- **Required action**
The answer must be a single number: the count of lines in the listing that hold the string "rounded".

(Material supplied)

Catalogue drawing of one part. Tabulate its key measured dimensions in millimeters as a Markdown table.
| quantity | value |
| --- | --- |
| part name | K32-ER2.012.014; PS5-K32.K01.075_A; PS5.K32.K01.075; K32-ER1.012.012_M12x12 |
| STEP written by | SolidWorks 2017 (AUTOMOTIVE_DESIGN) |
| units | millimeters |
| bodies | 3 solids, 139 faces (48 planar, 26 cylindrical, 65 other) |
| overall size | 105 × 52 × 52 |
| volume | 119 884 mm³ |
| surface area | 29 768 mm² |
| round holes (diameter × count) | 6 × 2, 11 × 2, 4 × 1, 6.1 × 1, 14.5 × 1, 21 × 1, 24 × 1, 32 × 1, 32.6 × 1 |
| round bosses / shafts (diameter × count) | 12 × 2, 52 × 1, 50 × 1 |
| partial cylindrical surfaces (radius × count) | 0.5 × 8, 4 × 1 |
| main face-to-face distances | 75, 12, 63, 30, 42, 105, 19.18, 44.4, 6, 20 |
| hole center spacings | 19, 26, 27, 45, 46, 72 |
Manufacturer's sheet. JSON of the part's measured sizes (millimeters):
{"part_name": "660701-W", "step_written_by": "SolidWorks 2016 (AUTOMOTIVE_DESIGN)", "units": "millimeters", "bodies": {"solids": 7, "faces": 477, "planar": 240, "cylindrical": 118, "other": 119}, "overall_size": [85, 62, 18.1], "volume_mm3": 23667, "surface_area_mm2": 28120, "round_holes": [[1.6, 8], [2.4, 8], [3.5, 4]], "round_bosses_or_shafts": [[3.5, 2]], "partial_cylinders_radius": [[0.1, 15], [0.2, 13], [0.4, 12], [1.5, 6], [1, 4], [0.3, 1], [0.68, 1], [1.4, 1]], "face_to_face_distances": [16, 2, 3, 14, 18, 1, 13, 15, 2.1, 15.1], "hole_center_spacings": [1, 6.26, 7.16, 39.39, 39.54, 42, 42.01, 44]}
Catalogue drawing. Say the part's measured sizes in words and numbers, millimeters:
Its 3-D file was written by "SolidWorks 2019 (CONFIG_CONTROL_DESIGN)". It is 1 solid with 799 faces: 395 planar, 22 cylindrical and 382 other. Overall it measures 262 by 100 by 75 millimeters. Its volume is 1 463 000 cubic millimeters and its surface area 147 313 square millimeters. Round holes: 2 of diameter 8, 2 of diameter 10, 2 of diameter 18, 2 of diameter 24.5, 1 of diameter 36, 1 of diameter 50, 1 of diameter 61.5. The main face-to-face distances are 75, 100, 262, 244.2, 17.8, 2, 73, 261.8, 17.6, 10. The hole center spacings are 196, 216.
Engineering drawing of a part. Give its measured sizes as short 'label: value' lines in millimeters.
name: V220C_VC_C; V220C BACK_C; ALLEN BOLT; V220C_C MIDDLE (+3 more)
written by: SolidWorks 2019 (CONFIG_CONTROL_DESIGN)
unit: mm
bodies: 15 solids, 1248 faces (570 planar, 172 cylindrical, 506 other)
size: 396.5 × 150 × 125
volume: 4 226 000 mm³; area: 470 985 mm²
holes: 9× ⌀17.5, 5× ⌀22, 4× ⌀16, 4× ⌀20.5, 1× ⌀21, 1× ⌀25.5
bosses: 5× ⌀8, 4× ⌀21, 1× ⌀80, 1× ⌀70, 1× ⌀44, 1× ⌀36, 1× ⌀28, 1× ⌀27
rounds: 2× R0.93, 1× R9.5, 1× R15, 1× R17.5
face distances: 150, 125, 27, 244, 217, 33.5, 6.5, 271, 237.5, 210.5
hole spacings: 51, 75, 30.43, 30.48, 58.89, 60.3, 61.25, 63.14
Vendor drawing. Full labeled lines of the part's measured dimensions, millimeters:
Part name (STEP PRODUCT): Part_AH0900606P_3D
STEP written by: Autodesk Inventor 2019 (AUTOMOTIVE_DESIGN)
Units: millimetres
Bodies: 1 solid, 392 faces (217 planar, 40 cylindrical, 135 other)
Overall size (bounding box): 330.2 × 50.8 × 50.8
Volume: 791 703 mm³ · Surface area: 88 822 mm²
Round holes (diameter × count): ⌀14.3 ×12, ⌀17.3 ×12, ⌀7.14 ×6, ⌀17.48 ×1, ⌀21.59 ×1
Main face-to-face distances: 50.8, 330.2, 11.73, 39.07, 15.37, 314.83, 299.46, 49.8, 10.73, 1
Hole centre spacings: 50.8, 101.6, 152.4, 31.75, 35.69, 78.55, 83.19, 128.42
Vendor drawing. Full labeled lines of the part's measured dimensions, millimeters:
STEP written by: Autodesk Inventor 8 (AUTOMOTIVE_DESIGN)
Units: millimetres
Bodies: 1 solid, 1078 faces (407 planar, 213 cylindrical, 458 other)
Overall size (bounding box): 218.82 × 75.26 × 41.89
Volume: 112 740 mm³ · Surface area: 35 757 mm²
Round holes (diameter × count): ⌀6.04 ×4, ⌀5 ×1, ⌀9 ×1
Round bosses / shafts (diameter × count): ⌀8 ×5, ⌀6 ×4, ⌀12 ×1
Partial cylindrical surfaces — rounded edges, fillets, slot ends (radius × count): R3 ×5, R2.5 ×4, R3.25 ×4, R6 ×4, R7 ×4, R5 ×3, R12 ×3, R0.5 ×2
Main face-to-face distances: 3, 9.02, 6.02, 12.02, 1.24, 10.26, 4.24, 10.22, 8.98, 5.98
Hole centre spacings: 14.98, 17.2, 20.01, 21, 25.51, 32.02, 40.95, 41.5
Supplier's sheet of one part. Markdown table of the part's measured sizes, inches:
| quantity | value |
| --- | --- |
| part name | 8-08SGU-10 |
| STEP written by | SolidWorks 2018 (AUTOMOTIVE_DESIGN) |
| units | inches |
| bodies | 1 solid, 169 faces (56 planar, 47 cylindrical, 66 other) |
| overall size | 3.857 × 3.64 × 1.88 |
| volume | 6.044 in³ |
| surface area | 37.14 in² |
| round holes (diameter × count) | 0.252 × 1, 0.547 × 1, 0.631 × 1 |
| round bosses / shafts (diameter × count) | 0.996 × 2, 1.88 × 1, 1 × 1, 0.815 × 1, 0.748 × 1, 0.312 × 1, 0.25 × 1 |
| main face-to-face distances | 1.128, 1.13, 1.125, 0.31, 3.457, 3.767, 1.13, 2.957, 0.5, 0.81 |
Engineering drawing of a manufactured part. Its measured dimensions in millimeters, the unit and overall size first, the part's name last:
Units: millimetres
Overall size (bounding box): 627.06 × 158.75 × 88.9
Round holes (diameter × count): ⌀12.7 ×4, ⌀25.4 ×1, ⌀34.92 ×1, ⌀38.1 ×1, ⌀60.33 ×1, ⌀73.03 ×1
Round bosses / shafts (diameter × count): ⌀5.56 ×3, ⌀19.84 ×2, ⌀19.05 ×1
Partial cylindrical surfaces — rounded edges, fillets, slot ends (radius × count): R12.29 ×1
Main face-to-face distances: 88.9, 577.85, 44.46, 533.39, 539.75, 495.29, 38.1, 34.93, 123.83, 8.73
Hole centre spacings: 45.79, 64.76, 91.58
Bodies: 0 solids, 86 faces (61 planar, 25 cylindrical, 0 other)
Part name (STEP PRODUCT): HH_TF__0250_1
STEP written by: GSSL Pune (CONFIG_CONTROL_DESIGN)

(End Material supplied)

- **Response to this task**
2